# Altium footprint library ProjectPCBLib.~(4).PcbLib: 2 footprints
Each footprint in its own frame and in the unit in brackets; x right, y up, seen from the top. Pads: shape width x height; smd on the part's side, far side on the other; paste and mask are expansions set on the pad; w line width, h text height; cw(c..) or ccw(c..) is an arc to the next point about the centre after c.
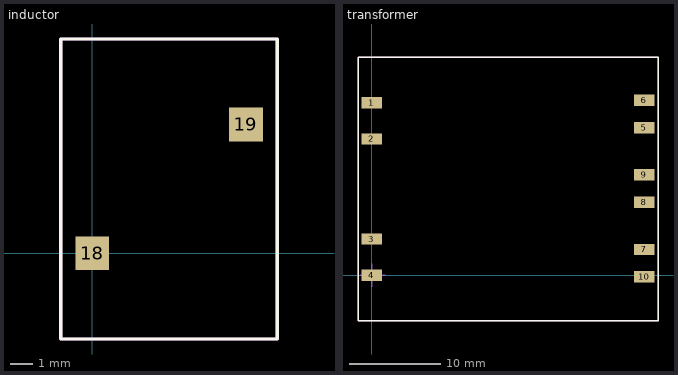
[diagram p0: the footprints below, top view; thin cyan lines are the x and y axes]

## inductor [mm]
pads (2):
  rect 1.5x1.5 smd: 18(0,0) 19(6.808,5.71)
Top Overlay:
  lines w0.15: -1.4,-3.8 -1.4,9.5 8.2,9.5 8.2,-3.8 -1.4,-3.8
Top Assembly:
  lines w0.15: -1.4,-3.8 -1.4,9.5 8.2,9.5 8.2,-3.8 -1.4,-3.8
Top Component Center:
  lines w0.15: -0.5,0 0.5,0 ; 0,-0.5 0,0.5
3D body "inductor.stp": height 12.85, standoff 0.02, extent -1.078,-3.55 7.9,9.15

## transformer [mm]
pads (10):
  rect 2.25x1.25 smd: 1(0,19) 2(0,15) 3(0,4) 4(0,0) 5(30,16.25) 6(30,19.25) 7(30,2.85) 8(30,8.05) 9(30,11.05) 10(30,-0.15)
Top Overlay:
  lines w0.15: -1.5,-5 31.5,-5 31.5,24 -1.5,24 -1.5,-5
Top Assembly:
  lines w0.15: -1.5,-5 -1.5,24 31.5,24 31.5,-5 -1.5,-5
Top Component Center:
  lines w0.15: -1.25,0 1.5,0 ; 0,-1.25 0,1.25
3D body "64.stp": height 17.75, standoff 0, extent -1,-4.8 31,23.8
+---+
(About this exercise):
Reproduce the entire listing exactly, except for any pictures it contains.

(Answer area):
# Altium footprint library ProjectPCBLib.~(4).PcbLib: 2 footprints
Each footprint in its own frame and in the unit in brackets; x right, y up, seen from the top. Pads: shape width x height; smd on the part's side, far side on the other; paste and mask are expansions set on the pad; w line width, h text height; cw(c..) or ccw(c..) is an arc to the next point about the centre after c.
[diagram p0: the footprints below, top view; thin cyan lines are the x and y axes]

## inductor [mm]
pads (2):
  rect 1.5x1.5 smd: 18(0,0) 19(6.808,5.71)
Top Overlay:
  lines w0.15: -1.4,-3.8 -1.4,9.5 8.2,9.5 8.2,-3.8 -1.4,-3.8
Top Assembly:
  lines w0.15: -1.4,-3.8 -1.4,9.5 8.2,9.5 8.2,-3.8 -1.4,-3.8
Top Component Center:
  lines w0.15: -0.5,0 0.5,0 ; 0,-0.5 0,0.5
3D body "inductor.stp": height 12.85, standoff 0.02, extent -1.078,-3.55 7.9,9.15

## transformer [mm]
pads (10):
  rect 2.25x1.25 smd: 1(0,19) 2(0,15) 3(0,4) 4(0,0) 5(30,16.25) 6(30,19.25) 7(30,2.85) 8(30,8.05) 9(30,11.05) 10(30,-0.15)
Top Overlay:
  lines w0.15: -1.5,-5 31.5,-5 31.5,24 -1.5,24 -1.5,-5
Top Assembly:
  lines w0.15: -1.5,-5 -1.5,24 31.5,24 31.5,-5 -1.5,-5
Top Component Center:
  lines w0.15: -1.25,0 1.5,0 ; 0,-1.25 0,1.25
3D body "64.stp": height 17.75, standoff 0, extent -1,-4.8 31,23.8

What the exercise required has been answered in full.